Science advances by disproving previously-tenable hypotheses. For example, "The earth is <10,000 years old" was disproved by annual sediment layers long before we were able to estimate the actual age. Actually, Tom Kinraide and I argued in "Strong inference -- the way of science" that a hypothesis needs to be explanatory as well as falsifiable. So for a young earth to ever have qualified as a hypothesis, it would first have needed to explain at least some real world observations. Right off hand, I can't think of any actual data that an unbiased person would look at and say, "Well, these data would make sense, but only if we assume the earth is <10,000 years old."

Similarly, if someone wanted to convert "intelligent design" from religious whining into a scientific discipline, we'd need some falsifiable hypotheses. Suppose, for example, we hypothesized that current features of plants and animals (not just their single-celled, distant ancestors) were supernaturally-imposed designs to maximize their success. That hypothesis is consistent with the many examples of sophisticated adaptations (err, "design"), but what can we conclude from the many examples of maladaptation ("bad design")? Maladaptation is predicted by evolutionary theory (when current conditions don't match those under which past selection occurred, for example) but if some design team is continuously intervening in evolution, do maladaptations imply that they had a busy week? If so, should we expect the problem to instantly disappear, once they get around to it?
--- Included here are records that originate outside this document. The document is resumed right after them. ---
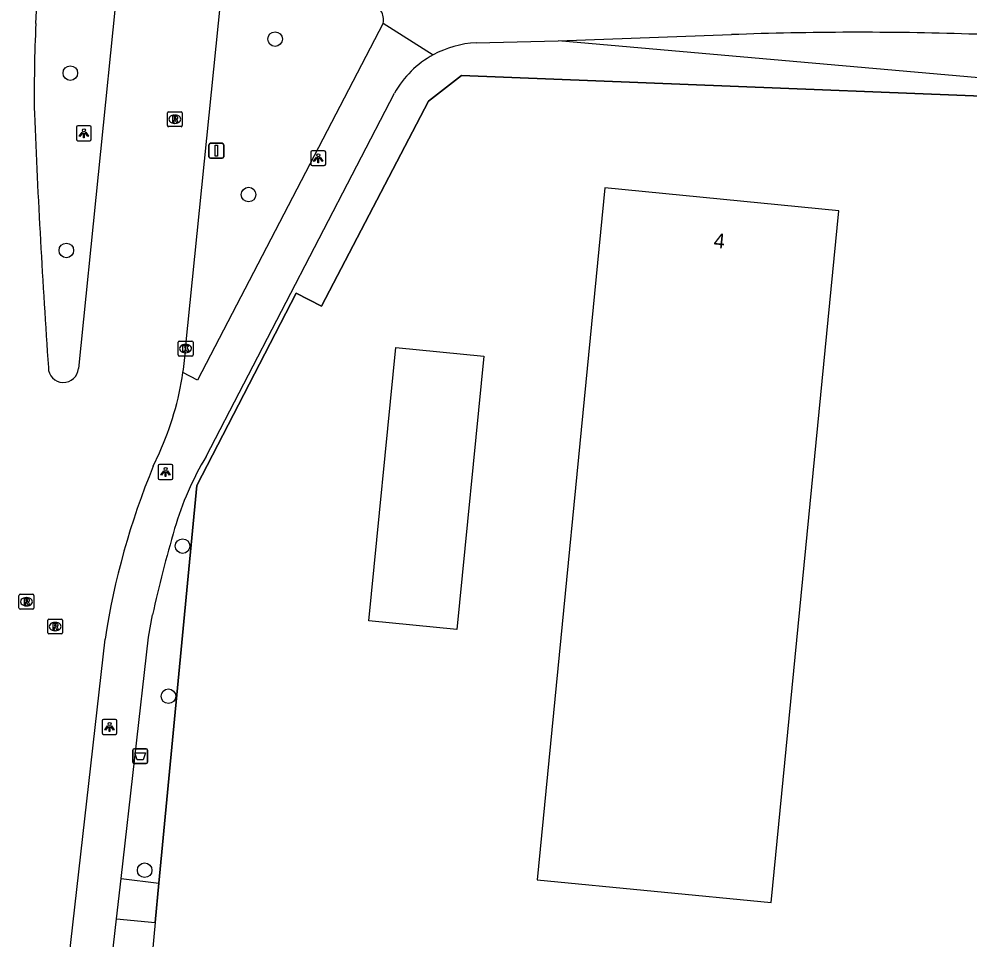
# Model space of a CAD drawing. Extents: x 161848 to 162726, y 385382 to 386521.
# Drawn here: x 162169.1 to 162232.8, y 386400.6 to 386462.3 of the extents above; entities that cross this region are included whole.
import ezdxf

# ---------------------------------------------------------------- set-up
doc = ezdxf.new("R2010")
doc.units = 0
for name, color, linetype in [('IMGEO_Afvalbak', 7, 'Continuous'), ('IMGEO_Boom', 7, 'Continuous'), ('IMGEO_Groenvoorziening', 7, 'Continuous'), ('IMGEO_Hek', 7, 'Continuous'), ('IMGEO_Kolk', 7, 'Continuous'), ('IMGEO_Lichtpunt', 7, 'Continuous'), ('IMGEO_Pand', 7, 'Continuous'), ('IMGEO_Pand_nummerreeks', 7, 'Continuous'), ('IMGEO_Pand_vergunning_verleend', 7, 'Continuous'), ('IMGEO_Rijbaan_lokaal_open', 7, 'Continuous'), ('IMGEO_Rioolput', 7, 'Continuous'), ('IMGEO_Verkeersbordpaal', 7, 'Continuous'), ('IMGEO_Voetpad_open', 7, 'Continuous')]:
    doc.layers.add(name, color=color, linetype=linetype)

msp = doc.modelspace()

# ---------------------------------------------------------------- linework, layer by layer
at = {"layer": 'IMGEO_Afvalbak'}
for p, q in [((162176.721, 386412.506), (162176.721, 386413.306)), ((162176.721, 386413.306), (162176.721, 386412.506)), ((162176.821, 386413.406), (162177.611, 386413.406)), ((162177.611, 386413.406), (162176.821, 386413.406)), ((162177.711, 386413.306), (162177.711, 386412.506)), ((162177.711, 386412.506), (162177.711, 386413.306)), ((162177.611, 386412.406), (162176.821, 386412.406)), ((162176.821, 386412.406), (162177.611, 386412.406))]:
    msp.add_line(p, q, dxfattribs=at)
msp.add_lwpolyline([(162176.864, 386413.12), (162177.568, 386413.12), (162177.419, 386412.65), (162177.013, 386412.65), (162176.864, 386413.12)], dxfattribs=at)
for centre, start, end in [((162176.821, 386413.306), 90, 180), ((162176.821, 386413.306), 90, 180), ((162177.611, 386413.306), 0, 90), ((162177.611, 386413.306), 360, 90), ((162176.821, 386412.506), 180, 270), ((162176.821, 386412.506), 180, 270), ((162177.611, 386412.506), 270, 0), ((162177.611, 386412.506), 270, 0)]:
    msp.add_arc(centre, 0.1, start, end, dxfattribs=at)
at = {"layer": 'IMGEO_Boom'}
for centre in [(162186.254, 386460.98), (162172.528, 386458.704), (162184.478, 386450.558), (162172.263, 386446.814), (162180.05, 386426.989), (162179.107, 386416.924), (162177.51, 386405.253)]:
    msp.add_circle(centre, 0.489, dxfattribs=at)
at = {"layer": 'IMGEO_Groenvoorziening'}
for points in [[(162243.595, 386457.479), (162205.24, 386460.863)], [(162178.47, 386404.378), (162180.999, 386431.06), (162187.674, 386443.939), (162189.361, 386443.065), (162196.535, 386456.809), (162198.755, 386458.546), (162250.514, 386456.492)], [(162178.22, 386401.743), (162177.72, 386396.465), (162174.416, 386391.373)]]:
    msp.add_lwpolyline(points, dxfattribs=at)
at = {"layer": 'IMGEO_Hek'}
for points in [[(162250.514, 386456.492), (162198.755, 386458.546), (162196.535, 386456.809), (162189.361, 386443.065), (162187.674, 386443.939), (162180.999, 386431.06), (162178.47, 386404.378)], [(162178.47, 386404.378), (162178.22, 386401.743)], [(162178.22, 386401.743), (162177.72, 386396.465)]]:
    msp.add_lwpolyline(points, dxfattribs=at)
at = {"layer": 'IMGEO_Kolk'}
for p, q in [((162179.751, 386439.807), (162179.751, 386440.659)), ((162179.826, 386440.733), (162180.678, 386440.733)), ((162180.239, 386440.513), (162180.264, 386440.513)), ((162180.752, 386440.659), (162180.752, 386439.807)), ((162180.262, 386439.953), (162180.237, 386439.953)), ((162180.678, 386439.733), (162179.826, 386439.733))]:
    msp.add_line(p, q, dxfattribs=at)
for points in [[(162179.751, 386439.807), (162179.751, 386440.659)], [(162179.826, 386440.733), (162180.678, 386440.733)], [(162180.072, 386440.433), (162180.195, 386440.433), (162180.195, 386440.282), (162180.325, 386440.433), (162180.489, 386440.433), (162180.343, 386440.282), (162180.496, 386440.033), (162180.344, 386440.033), (162180.259, 386440.197), (162180.195, 386440.13), (162180.195, 386440.033), (162180.072, 386440.033), (162180.072, 386440.433)], [(162180.752, 386440.659), (162180.752, 386439.807)], [(162180.678, 386439.733), (162179.826, 386439.733)]]:
    msp.add_lwpolyline(points, dxfattribs=at)
for centre, start, end in [((162179.828, 386440.657), 91.55205, 178.44795), ((162179.828, 386440.657), 91.55205, 178.44795), ((162180.676, 386440.657), 1.55205, 88.44795), ((162180.676, 386440.657), 1.55205, 88.44795), ((162179.828, 386439.809), 181.55205, 268.44795), ((162179.828, 386439.809), 181.55205, 268.44795), ((162180.676, 386439.809), 271.55205, 358.44795), ((162180.676, 386439.809), 271.55205, 358.44795)]:
    msp.add_arc(centre, 0.0765, start, end, dxfattribs=at)
for centre, major_axis, ratio, start_param, end_param in [((162180.238, 386440.233), (-0.387, 0.002), 0.722429, 4.712389, 7.853982), ((162180.263, 386440.233), (-0.39, 0.002), 0.717154, 1.570796, 4.712389)]:
    msp.add_ellipse(centre, major_axis=major_axis, ratio=ratio, start_param=start_param, end_param=end_param, dxfattribs=at)
at = {"layer": 'IMGEO_Lichtpunt'}
for p, q in [((162172.938, 386455.069), (162172.938, 386454.262)), ((162172.938, 386455.069), (162172.938, 386454.262)), ((162173.84, 386455.164), (162173.032, 386455.164)), ((162173.84, 386455.164), (162173.032, 386455.164)), ((162173.934, 386454.262), (162173.934, 386455.069)), ((162173.934, 386454.262), (162173.934, 386455.069)), ((162173.032, 386454.168), (162173.84, 386454.168)), ((162173.032, 386454.168), (162173.84, 386454.168)), ((162188.651, 386453.399), (162188.651, 386452.592)), ((162188.651, 386453.399), (162188.651, 386452.592)), ((162189.553, 386453.494), (162188.745, 386453.494)), ((162189.553, 386453.494), (162188.745, 386453.494)), ((162189.647, 386452.592), (162189.647, 386453.399)), ((162189.647, 386452.592), (162189.647, 386453.399)), ((162188.745, 386452.498), (162189.553, 386452.498)), ((162188.745, 386452.498), (162189.553, 386452.498)), ((162178.412, 386432.36), (162178.412, 386431.553)), ((162178.412, 386432.36), (162178.412, 386431.553)), ((162179.314, 386432.455), (162178.506, 386432.455)), ((162179.314, 386432.455), (162178.506, 386432.455)), ((162179.408, 386431.553), (162179.408, 386432.36)), ((162179.408, 386431.553), (162179.408, 386432.36)), ((162178.506, 386431.459), (162179.314, 386431.459)), ((162178.506, 386431.459), (162179.314, 386431.459)), ((162174.657, 386415.264), (162174.657, 386414.457)), ((162174.657, 386415.264), (162174.657, 386414.457)), ((162175.559, 386415.359), (162174.751, 386415.359)), ((162175.559, 386415.359), (162174.751, 386415.359)), ((162175.653, 386414.457), (162175.653, 386415.264)), ((162175.653, 386414.457), (162175.653, 386415.264)), ((162174.751, 386414.363), (162175.559, 386414.363)), ((162174.751, 386414.363), (162175.559, 386414.363))]:
    msp.add_line(p, q, dxfattribs=at)
for points in [[(162173.312, 386454.733), (162173.351, 386454.705), (162173.163, 386454.443), (162173.125, 386454.47), (162173.312, 386454.733)], [(162173.414, 386454.685), (162173.461, 386454.685), (162173.461, 386454.363), (162173.414, 386454.363), (162173.414, 386454.685)], [(162173.524, 386454.705), (162173.562, 386454.732), (162173.749, 386454.47), (162173.71, 386454.442), (162173.524, 386454.705)], [(162189.025, 386453.063), (162189.064, 386453.035), (162188.876, 386452.773), (162188.838, 386452.8), (162189.025, 386453.063)], [(162189.127, 386453.015), (162189.174, 386453.015), (162189.174, 386452.693), (162189.127, 386452.693), (162189.127, 386453.015)], [(162189.237, 386453.035), (162189.275, 386453.062), (162189.462, 386452.8), (162189.423, 386452.772), (162189.237, 386453.035)], [(162178.786, 386432.024), (162178.825, 386431.996), (162178.637, 386431.734), (162178.599, 386431.761), (162178.786, 386432.024)], [(162178.888, 386431.976), (162178.935, 386431.976), (162178.935, 386431.654), (162178.888, 386431.654), (162178.888, 386431.976)], [(162178.998, 386431.996), (162179.036, 386432.023), (162179.223, 386431.761), (162179.184, 386431.733), (162178.998, 386431.996)], [(162175.031, 386414.928), (162175.07, 386414.9), (162174.882, 386414.638), (162174.844, 386414.665), (162175.031, 386414.928)], [(162175.243, 386414.9), (162175.281, 386414.927), (162175.468, 386414.665), (162175.429, 386414.637), (162175.243, 386414.9)], [(162175.133, 386414.88), (162175.18, 386414.88), (162175.18, 386414.558), (162175.133, 386414.558), (162175.133, 386414.88)]]:
    msp.add_lwpolyline(points, dxfattribs=at)
for centre in [(162173.437, 386454.867), (162189.15, 386453.197), (162178.911, 386432.158), (162175.156, 386415.062)]:
    msp.add_circle(centre, 0.0994, dxfattribs=at)
for centre, start, end in [((162173.032, 386455.069), 90, 180), ((162173.032, 386455.069), 90, 180), ((162173.84, 386455.069), 0, 90), ((162173.84, 386455.069), 0, 90), ((162173.032, 386454.262), 180, 270), ((162173.032, 386454.262), 180, 270), ((162173.84, 386454.262), 270, 0), ((162173.84, 386454.262), 270, 360), ((162188.745, 386453.399), 90, 180), ((162188.745, 386453.399), 90, 180), ((162189.553, 386453.399), 0, 90), ((162189.553, 386453.399), 0, 90), ((162188.745, 386452.592), 180, 270), ((162188.745, 386452.592), 180, 270), ((162189.553, 386452.592), 270, 0), ((162189.553, 386452.592), 270, 360), ((162178.506, 386432.36), 90, 180), ((162178.506, 386432.36), 90, 180), ((162179.314, 386432.36), 0, 90), ((162179.314, 386432.36), 0, 90), ((162178.506, 386431.553), 180, 270), ((162178.506, 386431.553), 180, 270), ((162179.314, 386431.553), 270, 0), ((162179.314, 386431.553), 270, 360), ((162174.751, 386415.264), 90, 180), ((162174.751, 386415.264), 90, 180), ((162175.559, 386415.264), 0, 90), ((162175.559, 386415.264), 0, 90), ((162174.751, 386414.457), 180, 270), ((162174.751, 386414.457), 180, 270), ((162175.559, 386414.457), 270, 0), ((162175.559, 386414.457), 270, 360)]:
    msp.add_arc(centre, 0.0946, start, end, dxfattribs=at)
at = {"layer": 'IMGEO_Pand'}
msp.add_lwpolyline([(162224.053, 386449.469), (162208.366, 386450.999), (162203.822, 386404.621), (162219.512, 386403.092), (162224.053, 386449.469)], dxfattribs=at)
at = {"layer": 'IMGEO_Pand_vergunning_verleend'}
msp.add_lwpolyline([(162192.534, 386421.981), (162194.356, 386440.308), (162200.256, 386439.721), (162198.433, 386421.394), (162192.534, 386421.981)], dxfattribs=at)
at = {"layer": 'IMGEO_Rijbaan_lokaal_open'}
for points in [[(162170.217, 386462.026), (162170.382, 386465.025), (162170.424, 386465.481)], [(162175.718, 386464.939), (162173.071, 386438.895)], [(162180.252, 386440.233), (162182.626, 386463.592), (162182.695, 386464.291)], [(162178.091, 386432.339), (162178.498, 386433.25)], [(162171.607, 386391.926), (162174.858, 386420.746)]]:
    msp.add_lwpolyline(points, dxfattribs=at)
for centre, radius, start, end in [((162268.741, 386457.442), 98.631, 177.33624, 180.83896), ((162769.432, 386480.347), 599.805, 182.326531, 183.956383), ((162160.38, 386441.545), 19.915, 351.54859, 356.2229), ((162172.065, 386438.964), 1.009, 180.09475, 356.09641), ((162160.14, 386441.574), 20.157, 335.61025, 351.56792), ((162224.126, 386413.254), 49.835, 157.48198, 171.35309)]:
    msp.add_arc(centre, radius, start, end, dxfattribs=at)
at = {"layer": 'IMGEO_Rioolput'}
for p, q in [((162179.032, 386455.184), (162179.032, 386456.036)), ((162179.107, 386456.11), (162179.959, 386456.11)), ((162179.52, 386455.89), (162179.545, 386455.89)), ((162180.033, 386456.036), (162180.033, 386455.184)), ((162179.959, 386455.11), (162179.107, 386455.11)), ((162179.543, 386455.33), (162179.518, 386455.33)), ((162169.088, 386422.832), (162169.088, 386423.684)), ((162169.163, 386423.758), (162170.015, 386423.758)), ((162169.576, 386423.538), (162169.601, 386423.538)), ((162170.089, 386423.684), (162170.089, 386422.832)), ((162170.015, 386422.758), (162169.163, 386422.758)), ((162169.599, 386422.978), (162169.574, 386422.978)), ((162171.014, 386421.17), (162171.014, 386422.022)), ((162171.089, 386422.096), (162171.941, 386422.096)), ((162172.015, 386422.022), (162172.015, 386421.17)), ((162171.525, 386421.316), (162171.5, 386421.316)), ((162171.502, 386421.876), (162171.527, 386421.876)), ((162171.941, 386421.096), (162171.089, 386421.096))]:
    msp.add_line(p, q, dxfattribs=at)
for points in [[(162179.032, 386455.184), (162179.032, 386456.036)], [(162179.107, 386456.11), (162179.959, 386456.11)], [(162179.621, 386455.808), (162179.369, 386455.81), (162179.369, 386455.41)], [(162179.547, 386455.729), (162179.493, 386455.729), (162179.493, 386455.648)], [(162180.033, 386456.036), (162180.033, 386455.184)], [(162179.959, 386455.11), (162179.107, 386455.11)], [(162179.369, 386455.41), (162179.493, 386455.41), (162179.493, 386455.572), (162179.504, 386455.572)], [(162179.493, 386455.648), (162179.545, 386455.648)], [(162179.551, 386455.543), (162179.622, 386455.41), (162179.762, 386455.41), (162179.697, 386455.536)], [(162169.088, 386422.832), (162169.088, 386423.684)], [(162169.163, 386423.758), (162170.015, 386423.758)], [(162169.677, 386423.456), (162169.425, 386423.458), (162169.425, 386423.058)], [(162169.425, 386423.058), (162169.549, 386423.058), (162169.549, 386423.22), (162169.56, 386423.22)], [(162169.603, 386423.377), (162169.549, 386423.377), (162169.549, 386423.296)], [(162169.549, 386423.296), (162169.601, 386423.296)], [(162169.607, 386423.191), (162169.678, 386423.058), (162169.818, 386423.058), (162169.753, 386423.184)], [(162170.089, 386423.684), (162170.089, 386422.832)], [(162170.015, 386422.758), (162169.163, 386422.758)], [(162171.014, 386421.17), (162171.014, 386422.022)], [(162171.089, 386422.096), (162171.941, 386422.096)], [(162172.015, 386422.022), (162172.015, 386421.17)], [(162171.603, 386421.794), (162171.351, 386421.796), (162171.351, 386421.396)], [(162171.351, 386421.396), (162171.475, 386421.396), (162171.475, 386421.558), (162171.486, 386421.558)], [(162171.529, 386421.715), (162171.475, 386421.715), (162171.475, 386421.634)], [(162171.475, 386421.634), (162171.527, 386421.634)], [(162171.533, 386421.529), (162171.604, 386421.396), (162171.744, 386421.396), (162171.679, 386421.522)], [(162171.941, 386421.096), (162171.089, 386421.096)]]:
    msp.add_lwpolyline(points, dxfattribs=at)
for centre, radius, start, end in [((162179.109, 386456.034), 0.0765, 91.55205, 178.44795), ((162179.109, 386456.034), 0.0765, 91.55205, 178.44795), ((162179.553, 386455.633), 0.0964, 77.00612, 93.18647), ((162179.567, 386455.69), 0.0378, 276.66336, 79.67722), ((162179.62, 386455.698), 0.109, 350.36119, 89.41601), ((162179.618, 386455.698), 0.112, 277.58423, 350.98172), ((162179.957, 386456.034), 0.0765, 1.55205, 88.44795), ((162179.957, 386456.034), 0.0765, 1.55205, 88.44795), ((162179.109, 386455.186), 0.0765, 181.55205, 268.44795), ((162179.109, 386455.186), 0.0765, 181.55205, 268.44795), ((162179.503, 386455.519), 0.0533, 26.02933, 88.69889), ((162179.529, 386455.837), 0.19, 274.7715, 282.96867), ((162179.602, 386455.483), 0.108, 29.51342, 73.79051), ((162179.957, 386455.186), 0.0765, 271.55205, 358.44795), ((162179.957, 386455.186), 0.0765, 271.55205, 358.44795), ((162169.165, 386423.682), 0.0765, 91.55205, 178.44795), ((162169.165, 386423.682), 0.0765, 91.55205, 178.44795), ((162169.559, 386423.167), 0.0533, 26.02933, 88.69889), ((162169.585, 386423.485), 0.19, 274.7715, 282.96867), ((162169.609, 386423.281), 0.0964, 77.00612, 93.18647), ((162169.623, 386423.338), 0.0378, 276.66336, 79.67722), ((162169.676, 386423.346), 0.109, 350.36119, 89.41601), ((162169.674, 386423.346), 0.112, 277.58423, 350.98172), ((162169.658, 386423.131), 0.108, 29.51342, 73.79051), ((162170.013, 386423.682), 0.0765, 1.55205, 88.44795), ((162170.013, 386423.682), 0.0765, 1.55205, 88.44795), ((162169.165, 386422.834), 0.0765, 181.55205, 268.44795), ((162169.165, 386422.834), 0.0765, 181.55205, 268.44795), ((162170.013, 386422.834), 0.0765, 271.55205, 358.44795), ((162170.013, 386422.834), 0.0765, 271.55205, 358.44795), ((162171.091, 386422.02), 0.0765, 91.55205, 178.44795), ((162171.091, 386422.02), 0.0765, 91.55205, 178.44795), ((162171.939, 386422.02), 0.0765, 1.55205, 88.44795), ((162171.939, 386422.02), 0.0765, 1.55205, 88.44795), ((162171.485, 386421.505), 0.0533, 26.02933, 88.69889), ((162171.511, 386421.823), 0.19, 274.7715, 282.96867), ((162171.535, 386421.619), 0.0964, 77.00612, 93.18647), ((162171.549, 386421.676), 0.0378, 276.66336, 79.67722), ((162171.602, 386421.684), 0.109, 350.36119, 89.41601), ((162171.6, 386421.684), 0.112, 277.58423, 350.98172), ((162171.584, 386421.469), 0.108, 29.51342, 73.79051), ((162171.091, 386421.172), 0.0765, 181.55205, 268.44795), ((162171.091, 386421.172), 0.0765, 181.55205, 268.44795), ((162171.939, 386421.172), 0.0765, 271.55205, 358.44795), ((162171.939, 386421.172), 0.0765, 271.55205, 358.44795)]:
    msp.add_arc(centre, radius, start, end, dxfattribs=at)
for centre, major_axis, ratio, start_param, end_param in [((162179.519, 386455.61), (-0.387, 0.002), 0.722429, 4.712389, 7.853982), ((162179.544, 386455.61), (-0.39, 0.002), 0.717154, 1.570796, 4.712389), ((162169.575, 386423.258), (-0.387, 0.002), 0.722429, 4.712389, 7.853982), ((162169.6, 386423.258), (-0.39, 0.002), 0.717154, 1.570796, 4.712389), ((162171.501, 386421.596), (-0.387, 0.002), 0.722429, 4.712389, 7.853982), ((162171.526, 386421.596), (-0.39, 0.002), 0.717154, 1.570796, 4.712389)]:
    msp.add_ellipse(centre, major_axis=major_axis, ratio=ratio, start_param=start_param, end_param=end_param, dxfattribs=at)
at = {"layer": 'IMGEO_Verkeersbordpaal'}
for p, q in [((162181.823, 386453.098), (162181.823, 386453.898)), ((162181.823, 386453.898), (162181.823, 386453.098)), ((162181.923, 386453.998), (162182.713, 386453.998)), ((162182.713, 386453.998), (162181.923, 386453.998)), ((162182.813, 386453.898), (162182.813, 386453.098)), ((162182.813, 386453.098), (162182.813, 386453.898)), ((162182.713, 386452.998), (162181.923, 386452.998)), ((162181.923, 386452.998), (162182.713, 386452.998))]:
    msp.add_line(p, q, dxfattribs=at)
msp.add_lwpolyline([(162182.243, 386453.873), (162182.393, 386453.873), (162182.393, 386453.123), (162182.243, 386453.123), (162182.243, 386453.873)], dxfattribs=at)
for centre, start, end in [((162181.923, 386453.898), 90, 180), ((162181.923, 386453.898), 90, 180), ((162182.713, 386453.898), 0, 90), ((162182.713, 386453.898), 360, 90), ((162181.923, 386453.098), 180, 270), ((162181.923, 386453.098), 180, 270), ((162182.713, 386453.098), 270, 0), ((162182.713, 386453.098), 270, 0)]:
    msp.add_arc(centre, 0.1, start, end, dxfattribs=at)
at = {"layer": 'IMGEO_Voetpad_open'}
for points in [[(162193.489, 386462.041), (162181.044, 386438.11), (162180.079, 386438.618)], [(162193.489, 386462.041), (162196.855, 386459.926)], [(162199.725, 386460.733), (162205.24, 386460.863)], [(162205.24, 386460.863), (162216.852, 386461.282)], [(162181.637, 386433.006), (162194.254, 386457.361)], [(162175.927, 386404.71), (162177.76, 386420.893), (162178.038, 386422.374)], [(162175.618, 386401.988), (162175.927, 386404.71)], [(162175.927, 386404.71), (162178.47, 386404.378)], [(162178.22, 386401.743), (162178.47, 386404.378)], [(162174.416, 386391.373), (162175.618, 386401.988)], [(162175.618, 386401.988), (162178.22, 386401.743)]]:
    msp.add_lwpolyline(points, dxfattribs=at)
for centre, radius, start, end in [((162192.512, 386462.304), 1.012, 344.95973, 84.0918), ((162225.341, 386232.741), 228.698, 88.13907, 92.12732), ((162228.859, 386147.439), 313.905, 87.25058, 89.28641), ((162200.038, 386454.114), 6.626, 92.70444, 118.7059), ((162200.021, 386454.115), 6.617, 118.57843, 150.62304), ((162199.071, 386422.516), 20.346, 148.96472, 163.90427), ((162257.665, 386405.023), 81.495, 163.50842, 167.70686)]:
    msp.add_arc(centre, radius, start, end, dxfattribs=at)

# ---------------------------------------------------------------- texts
at = {"layer": 'IMGEO_Pand_nummerreeks'}
msp.add_text('4', height=1, rotation=354.42939, dxfattribs=at).set_placement((162215.621, 386446.996))

doc.saveas('drawing.dxf')

This week's paper is another example of the pattern we see repeatedly in biology: many sophisticated adaptations, but also serious "design flaws." In particular, Acacia trees can be fooled into feeding and housing ants that are harming them.

Breakdown of an Ant-Plant Mutualism Follows the Loss of Large Herbivores from an African Savanna was published this week in Science by Todd Palmer and five coauthors, three of whom I know from my years at UC Davis.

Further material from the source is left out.